Wendy, I'm sorry you don't have that support - can you switch providers to someone more supportive? I can't imagine not having access to prednisone, pain meds, sleeping meds for flares.

Loober - good luck getting more help- different providers?? It is always interesting and informative what other people on this site have to say about their conditions and treatments, so hopefully you will benefit too! There are alway people here who care.

Wendy39 profile image
Wendy39 in reply toKRutherford

Thank you for your reply. Mine has been an ongoing battle to get a second opinion from a lupus expert. I have posted here many times. I even went to my MP. I ended up seeing someone privately in April and my diagnosis has been amended from SCLE to SLE. I am awaiting the experts letter to get things moving forward locally. But I will continue to see private doctor. It's such a shame there isn't better to access to lupus specialists for us all, without a battle first. Best wishes.

happytulip profile image
happytulip

Yes, I've really been in a constant up and down flare since 2014. Only on rare occasions do my bloods indicate inflammation but fortunately I have a brilliant rheumatologist and Specialist Nurse. They actually listen to my symptoms and examine me before looking at my bloods. You can't really argue with hair loss, a deep red malar rash, an ECG and echo that shows pericarditis and swollen red joints. I have all of those symptoms and my bloods are usually normal.

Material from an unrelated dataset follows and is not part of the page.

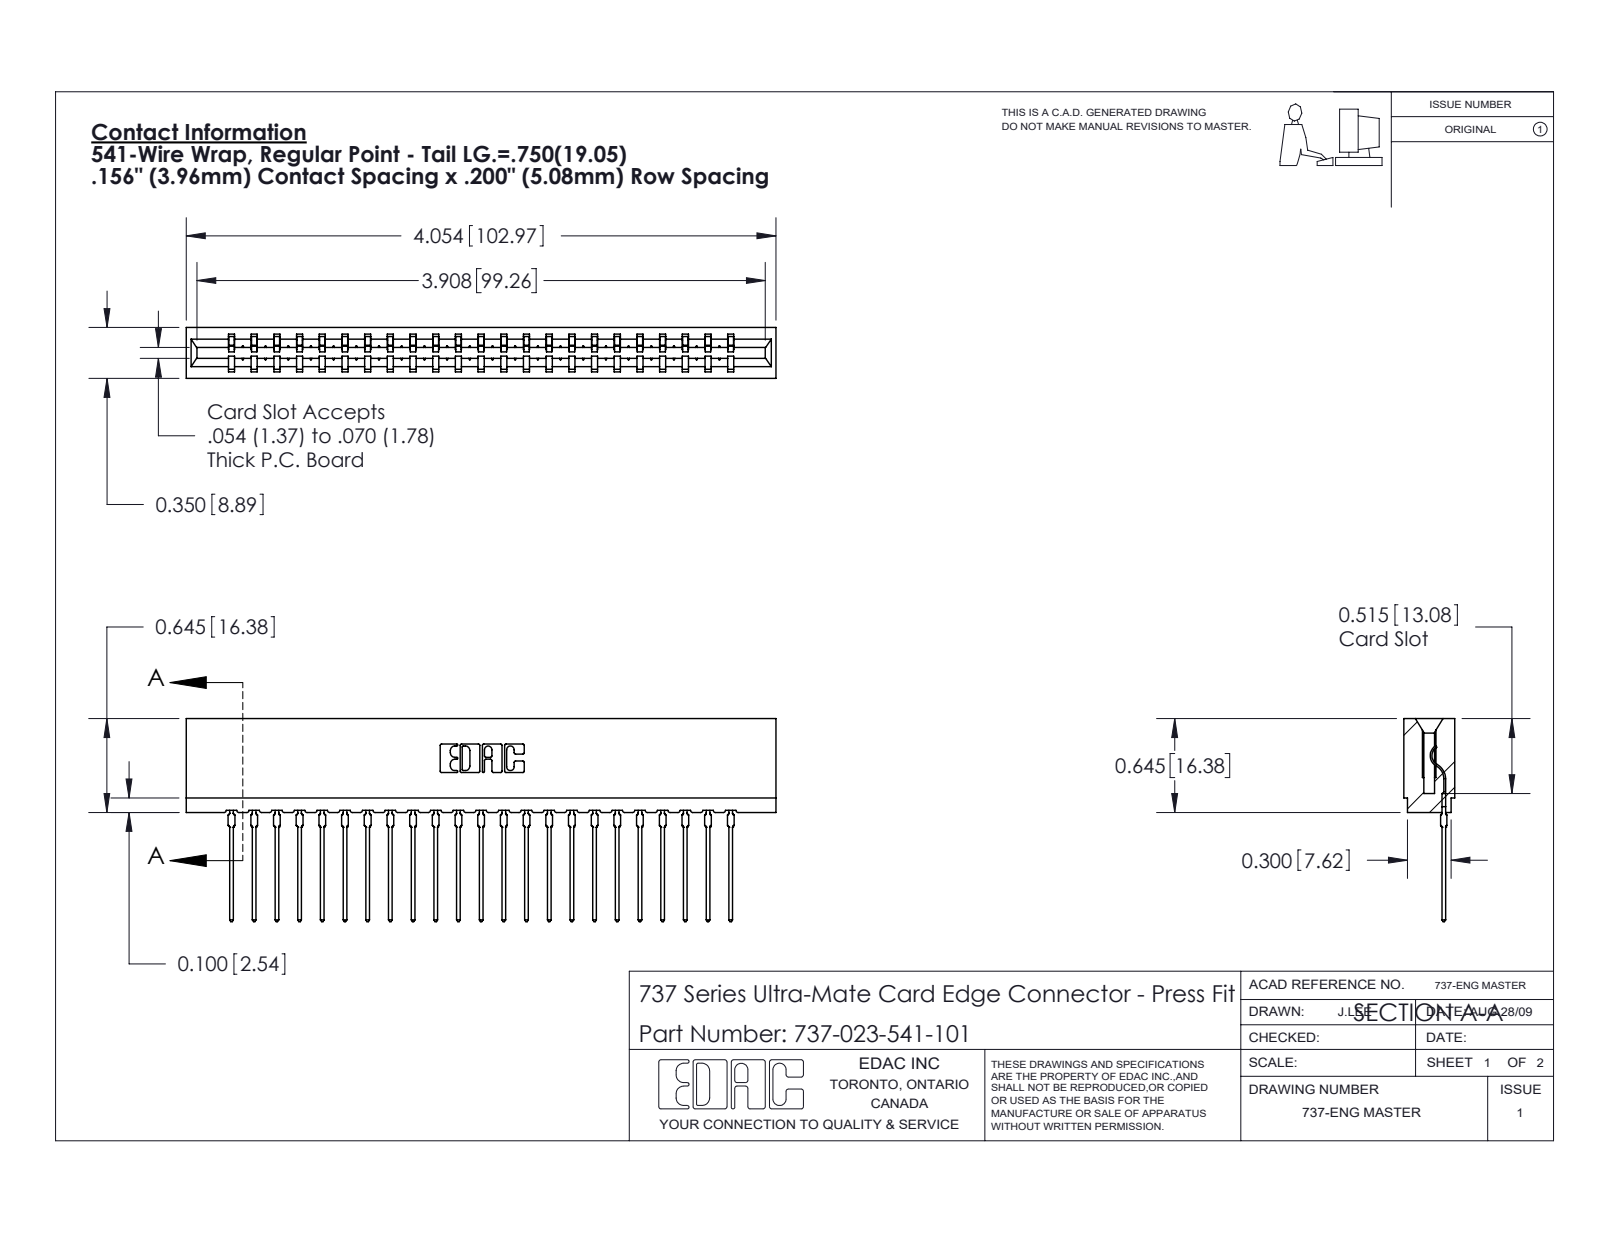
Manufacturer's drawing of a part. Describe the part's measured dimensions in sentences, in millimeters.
The part is named "737 Part_Insulator Option - 01; 745-292-001_541; 737-023-541-101". Its 3-D file was written by "SolidWorks 2020 (CONFIG_CONTROL_DESIGN)". It is 24 solids with 2693 faces: 1618 planar, 477 cylindrical and 598 other. Overall it measures 103 by 35.5 by 8.9 millimeters. Its volume is 10 200 cubic millimeters and its surface area 13 830 square millimeters. Partial cylindrical surfaces (rounded edges, fillets, slot ends): 46 of radius 0.4, 46 of radius 0.5, 22 of radius 0.3, 6 of radius 0.2, 6 of radius 0.8, 4 of radius 0.1, 4 of radius 0.3, 3 of radius 0.7. The main face-to-face distances are 3.5, 5.4, 8.9, 4, 15.8, 1.9, 1.6, 7.3, 1.9, 3.8.

Sometimes my ESR does get raised but nothing spectacular. I always think that it's weird how doctors can say, "I know you don't feel well but your bloods are normal, your ESR is within normal range. It's the higher end of normal but it's still normal." And then I want to reply, "yes doctor. My ESR is in the high end of normal but that is despite being on 20mg of Pred. I wonder what my inflammatory markers would be if I wasn't on steroids."

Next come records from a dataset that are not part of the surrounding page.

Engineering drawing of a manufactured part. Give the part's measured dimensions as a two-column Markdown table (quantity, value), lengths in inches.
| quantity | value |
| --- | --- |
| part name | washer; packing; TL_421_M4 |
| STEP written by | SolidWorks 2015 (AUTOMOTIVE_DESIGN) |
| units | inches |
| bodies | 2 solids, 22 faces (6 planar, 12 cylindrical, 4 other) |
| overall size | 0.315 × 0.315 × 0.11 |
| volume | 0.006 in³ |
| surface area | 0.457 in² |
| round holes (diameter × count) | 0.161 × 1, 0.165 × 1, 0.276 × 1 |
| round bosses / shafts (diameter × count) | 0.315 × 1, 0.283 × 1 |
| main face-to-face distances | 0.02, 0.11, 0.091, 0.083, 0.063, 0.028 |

I have a lot of relations with auto-immune disease and all their blood work tends to be unimpressive too. I'm just lucky that I've found a team that believes my symptoms and actually examines me instead of just looking at a computer screen.

Oddly, when I once did get admitted to hospital in 2013 with symptoms of what I now recognise as a severe flare (this was before I got diagnosed and it was all put down to a migraine) I had really, really abnormal bloods with a neut count of 0.5 and WBC 1.2. And they sent me home!! Crazy!

Poppyfields65 profile image
Poppyfields65

Apart from the CRP AND ESR, does anyone have complements such as C3 and C4 tested? And if so do they normally tend to be abnormal?

Fennella02 profile image
Fennella02 in reply toPoppyfields65

Yes. Sometimes low, sometimes low side of normal.

KRutherford profile image
KRutherford

Good thought - I've had low C3 on several occasions, low normal C4. Probably running it every 6 months while all my other labs are done more frequently. It was one of my abnormal labs that showed up a couple of years into the diagnoses process and met part of the diagnostic criteria. Also very low lymphocytes. It is psychologically reassuring to know that other people have normal inflammatory markers in spite of having LOTS of inflammation- since even though you can find that info in research, obviously there are docs who think they should go hand in hand.